According to Yukimura, the series is divided into four story arcs; the "War" arc; the "Slave" arc; and the "Eastern Expedition" arc. The fourth and final arc was not given its own distinct name. In November 2019, Yukimura announced that the manga has entered its final arc; it will be more than 50 chapters long and more than 1,000 pages, and will take "several years to write".

Influences
Yukimura was inspired by anime series about Vikings that he watched as a child, and since then he has been fascinated by them. Their culture and way of life was something new and fresh. He learned, for instance, that if somebody killed while intoxicated he could get a lower sentence or go free. He travelled to Norway and Scandinavia in 2003 to conduct research on Vikings. It was difficult due to the language barrier as he speaks no Norwegian and little English. He was able to see Oseberg Ship which he says is the most beautiful ship he has ever seen. Yukimura compares Vikings to Japanese pirates as he would find more differences than similarities between Vikings and samurai. The author believes Vikings are more free and honest about their own feelings; Samurai are more quiet as a people, and were obedient towards their master or own honour.

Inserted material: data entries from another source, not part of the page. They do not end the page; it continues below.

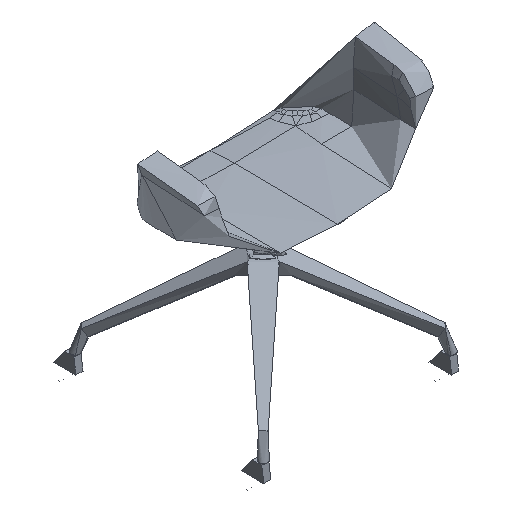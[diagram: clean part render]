
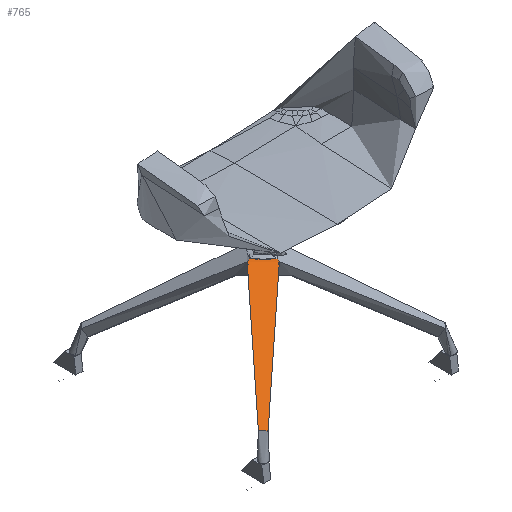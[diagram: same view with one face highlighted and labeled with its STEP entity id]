
A CAD part, isometric view. The second image highlights one B-rep face of the part: STEP entity #765.
In plain terms, the highlighted free-form (B-spline) face has degree [1, 2] with [2, 3] control points.
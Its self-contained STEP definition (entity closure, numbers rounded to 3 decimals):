
#239=(
BOUNDED_CURVE()
B_SPLINE_CURVE(2,(#33765,#33766,#33767),.UNSPECIFIED.,.F.,.F.)
B_SPLINE_CURVE_WITH_KNOTS((3,3),(0.,565.759),.UNSPECIFIED.)
CURVE()
GEOMETRIC_REPRESENTATION_ITEM()
RATIONAL_B_SPLINE_CURVE((1.,0.707,1.))
REPRESENTATION_ITEM('')
);
#348=(
BOUNDED_SURFACE()
B_SPLINE_SURFACE(1,2,((#30681,#30682,#30683),(#30684,#30685,#30686)),
 .UNSPECIFIED.,.F.,.F.,.F.)
B_SPLINE_SURFACE_WITH_KNOTS((2,2),(3,3),(-15.092,357.439),
(0.,565.759),.UNSPECIFIED.)
GEOMETRIC_REPRESENTATION_ITEM()
RATIONAL_B_SPLINE_SURFACE(((1.,0.707,1.),(1.,0.707,
1.)))
REPRESENTATION_ITEM('')
SURFACE()
);
#765=ADVANCED_FACE('',(#1071),#348,.T.);
#1071=FACE_OUTER_BOUND('',#1377,.T.);
#1377=EDGE_LOOP('',(#2654,#2655,#2656,#2657,#2658,#2659));
#2654=ORIENTED_EDGE('',*,*,#3430,.F.);
#2655=ORIENTED_EDGE('',*,*,#3429,.T.);
#2656=ORIENTED_EDGE('',*,*,#3357,.F.);
#2657=ORIENTED_EDGE('',*,*,#3435,.F.);
#2658=ORIENTED_EDGE('',*,*,#3431,.F.);
#2659=ORIENTED_EDGE('',*,*,#3433,.T.);
#3357=EDGE_CURVE('',#4328,#4326,#3897,.T.);
#3429=EDGE_CURVE('',#4368,#4326,#239,.T.);
#3430=EDGE_CURVE('',#4368,#4369,#3932,.T.);
#3431=EDGE_CURVE('',#4359,#4360,#3933,.T.);
#3433=EDGE_CURVE('',#4359,#4369,#3934,.T.);
#3435=EDGE_CURVE('',#4360,#4328,#3936,.T.);
#3897=B_SPLINE_CURVE_WITH_KNOTS('',1,(#32872,#32873),.UNSPECIFIED.,.F.,
 .F.,(2,2),(350.565,357.439),.UNSPECIFIED.);
#3932=B_SPLINE_CURVE_WITH_KNOTS('',1,(#33768,#33769),.UNSPECIFIED.,.F.,
 .F.,(2,2),(-357.439,-350.565),.UNSPECIFIED.);
#3933=B_SPLINE_CURVE_WITH_KNOTS('',3,(#33770,#33771,#33772,#33773,#33774,
#33775,#33776,#33777,#33778,#33779,#33780,#33781,#33782,#33783,#33784,#33785,
#33786,#33787,#33788,#33789,#33790,#33791,#33792,#33793,#33794,#33795,#33796),
 .UNSPECIFIED.,.F.,.F.,(4,3,2,3,2,3,2,3,2,3,4),(344.615,356.617,
360.657,364.7,368.404,372.121,375.837,
379.541,383.584,387.624,399.626),
 .UNSPECIFIED.);
#3934=B_SPLINE_CURVE_WITH_KNOTS('',3,(#33800,#33801,#33802,#33803,#33804,
#33805,#33806,#33807,#33808,#33809,#33810,#33811,#33812,#33813,#33814,#33815,
#33816,#33817,#33818,#33819,#33820,#33821,#33822,#33823),.UNSPECIFIED.,
 .F.,.F.,(4,2,2,2,2,2,2,2,2,2,2,4),(-337.679,-253.259,
-168.84,-126.63,-84.42,-63.315,
-42.21,-36.934,-31.657,-21.105,
-10.552,0.),.UNSPECIFIED.);
#3936=B_SPLINE_CURVE_WITH_KNOTS('',3,(#33826,#33827,#33828,#33829,#33830,
#33831,#33832,#33833,#33834,#33835,#33836,#33837,#33838,#33839,#33840,#33841,
#33842,#33843,#33844,#33845,#33846,#33847,#33848,#33849),.UNSPECIFIED.,
 .F.,.F.,(4,2,2,2,2,2,2,2,2,2,2,4),(-337.679,-253.259,
-168.84,-126.63,-84.42,-63.315,
-42.21,-36.934,-31.657,-21.105,
-10.552,0.),.UNSPECIFIED.);
#4326=VERTEX_POINT('',#32757);
#4328=VERTEX_POINT('',#32759);
#4359=VERTEX_POINT('',#32790);
#4360=VERTEX_POINT('',#32791);
#4368=VERTEX_POINT('',#32799);
#4369=VERTEX_POINT('',#32800);
#30681=CARTESIAN_POINT('',(0.,-360.174,102.554));
#30682=CARTESIAN_POINT('',(-360.174,-360.174,102.554));
#30683=CARTESIAN_POINT('',(-360.174,0.,102.554));
#30684=CARTESIAN_POINT('',(0.,-35.,286.348));
#30685=CARTESIAN_POINT('',(-35.,-35.,286.348));
#30686=CARTESIAN_POINT('',(-35.,0.,286.348));
#32757=CARTESIAN_POINT('',(-35.,0.,286.348));
#32759=CARTESIAN_POINT('',(-41.,0.,282.957));
#32790=CARTESIAN_POINT('',(-225.099,-237.523,121.168));
#32791=CARTESIAN_POINT('',(-237.523,-225.099,121.168));
#32799=CARTESIAN_POINT('',(0.,-35.,286.348));
#32800=CARTESIAN_POINT('',(0.,-41.,282.957));
#32872=CARTESIAN_POINT('',(-41.,0.,282.957));
#32873=CARTESIAN_POINT('',(-35.,0.,286.348));
#33765=CARTESIAN_POINT('',(0.,-35.,286.348));
#33766=CARTESIAN_POINT('',(-35.,-35.,286.348));
#33767=CARTESIAN_POINT('',(-35.,0.,286.348));
#33768=CARTESIAN_POINT('',(0.,-35.,286.348));
#33769=CARTESIAN_POINT('',(0.,-41.,282.957));
#33770=CARTESIAN_POINT('',(-225.099,-237.523,121.168));
#33771=CARTESIAN_POINT('',(-227.55,-240.068,119.171));
#33772=CARTESIAN_POINT('',(-230.017,-242.635,117.158));
#33773=CARTESIAN_POINT('',(-232.505,-245.23,115.127));
#33774=CARTESIAN_POINT('',(-233.312,-246.072,114.468));
#33775=CARTESIAN_POINT('',(-234.282,-246.757,113.809));
#33776=CARTESIAN_POINT('',(-236.457,-247.716,112.569));
#33777=CARTESIAN_POINT('',(-237.658,-247.988,111.989));
#33778=CARTESIAN_POINT('',(-238.907,-248.002,111.494));
#33779=CARTESIAN_POINT('',(-240.05,-248.014,111.041));
#33780=CARTESIAN_POINT('',(-241.216,-247.808,110.666));
#33781=CARTESIAN_POINT('',(-243.456,-246.916,110.14));
#33782=CARTESIAN_POINT('',(-244.491,-246.241,110.));
#33783=CARTESIAN_POINT('',(-245.366,-245.366,110.));
#33784=CARTESIAN_POINT('',(-246.241,-244.491,110.));
#33785=CARTESIAN_POINT('',(-246.916,-243.456,110.14));
#33786=CARTESIAN_POINT('',(-247.808,-241.216,110.666));
#33787=CARTESIAN_POINT('',(-248.014,-240.05,111.041));
#33788=CARTESIAN_POINT('',(-248.002,-238.907,111.494));
#33789=CARTESIAN_POINT('',(-247.988,-237.658,111.989));
#33790=CARTESIAN_POINT('',(-247.716,-236.457,112.569));
#33791=CARTESIAN_POINT('',(-246.757,-234.282,113.809));
#33792=CARTESIAN_POINT('',(-246.072,-233.312,114.468));
#33793=CARTESIAN_POINT('',(-245.23,-232.505,115.127));
#33794=CARTESIAN_POINT('',(-242.635,-230.017,117.158));
#33795=CARTESIAN_POINT('',(-240.068,-227.55,119.171));
#33796=CARTESIAN_POINT('',(-237.523,-225.099,121.168));
#33800=CARTESIAN_POINT('',(-225.099,-237.523,121.168));
#33801=CARTESIAN_POINT('',(-207.781,-219.538,135.28));
#33802=CARTESIAN_POINT('',(-190.301,-201.711,149.39));
#33803=CARTESIAN_POINT('',(-155.064,-166.323,177.604));
#33804=CARTESIAN_POINT('',(-137.344,-148.726,191.709));
#33805=CARTESIAN_POINT('',(-110.59,-122.501,212.85));
#33806=CARTESIAN_POINT('',(-101.649,-113.779,219.896));
#33807=CARTESIAN_POINT('',(-83.695,-96.403,233.973));
#33808=CARTESIAN_POINT('',(-74.691,-87.738,241.01));
#33809=CARTESIAN_POINT('',(-61.032,-74.88,251.53));
#33810=CARTESIAN_POINT('',(-56.468,-70.601,255.037));
#33811=CARTESIAN_POINT('',(-47.102,-62.274,262.001));
#33812=CARTESIAN_POINT('',(-42.3,-58.22,265.471));
#33813=CARTESIAN_POINT('',(-35.854,-53.621,269.674));
#33814=CARTESIAN_POINT('',(-34.541,-52.728,270.505));
#33815=CARTESIAN_POINT('',(-31.86,-51.,272.143));
#33816=CARTESIAN_POINT('',(-30.494,-50.168,272.951));
#33817=CARTESIAN_POINT('',(-26.297,-47.781,275.317));
#33818=CARTESIAN_POINT('',(-23.373,-46.333,276.827));
#33819=CARTESIAN_POINT('',(-17.213,-43.858,279.531));
#33820=CARTESIAN_POINT('',(-13.969,-42.83,280.727));
#33821=CARTESIAN_POINT('',(-7.159,-41.392,282.452));
#33822=CARTESIAN_POINT('',(-3.588,-40.997,282.96));
#33823=CARTESIAN_POINT('',(0.,-41.,282.957));
#33826=CARTESIAN_POINT('',(-237.523,-225.099,121.168));
#33827=CARTESIAN_POINT('',(-219.538,-207.781,135.28));
#33828=CARTESIAN_POINT('',(-201.711,-190.301,149.39));
#33829=CARTESIAN_POINT('',(-166.323,-155.064,177.604));
#33830=CARTESIAN_POINT('',(-148.726,-137.344,191.709));
#33831=CARTESIAN_POINT('',(-122.501,-110.59,212.85));
#33832=CARTESIAN_POINT('',(-113.779,-101.649,219.896));
#33833=CARTESIAN_POINT('',(-96.403,-83.695,233.973));
#33834=CARTESIAN_POINT('',(-87.738,-74.691,241.01));
#33835=CARTESIAN_POINT('',(-74.88,-61.032,251.53));
#33836=CARTESIAN_POINT('',(-70.601,-56.468,255.037));
#33837=CARTESIAN_POINT('',(-62.274,-47.102,262.001));
#33838=CARTESIAN_POINT('',(-58.22,-42.3,265.471));
#33839=CARTESIAN_POINT('',(-53.621,-35.854,269.674));
#33840=CARTESIAN_POINT('',(-52.728,-34.541,270.505));
#33841=CARTESIAN_POINT('',(-51.,-31.86,272.143));
#33842=CARTESIAN_POINT('',(-50.168,-30.494,272.951));
#33843=CARTESIAN_POINT('',(-47.781,-26.297,275.317));
#33844=CARTESIAN_POINT('',(-46.333,-23.373,276.827));
#33845=CARTESIAN_POINT('',(-43.858,-17.213,279.531));
#33846=CARTESIAN_POINT('',(-42.83,-13.969,280.727));
#33847=CARTESIAN_POINT('',(-41.392,-7.159,282.452));
#33848=CARTESIAN_POINT('',(-40.997,-3.588,282.96));
#33849=CARTESIAN_POINT('',(-41.,0.,282.957));

As research he visited Denmark, Iceland, France, Britain and Canada (and regretted that his story was not found closer to home). He also makes full-scale models because he wants materials as realistic as possible, but the production of those models puts a lot of pressure on his time schedule.

While the Vikings are recognized as heroes, Yukimura wanted to explain the harsh realities living in their era. Because of the harsh violence, the Thorfinn was always drawn with a serious facial expression in the first arc as well as with self-deprecation in the following arc where he pitied himself for his sins. As a result, the character of Thorkell is characterized as more comical and this makes the battles more enjoyable to draw. Meanwhile, Yukimura was often told by his editors not to draw Canute with a beard as they claimed it would not make the series popular as a result of ruining the bishonen archetype he represented. He rejected that idea, claiming that every man had a beard in that era. Meanwhile, Thorfinn becomes an adult in the second story arc, but he shaves his beard as Yukimura did not want him to look strong.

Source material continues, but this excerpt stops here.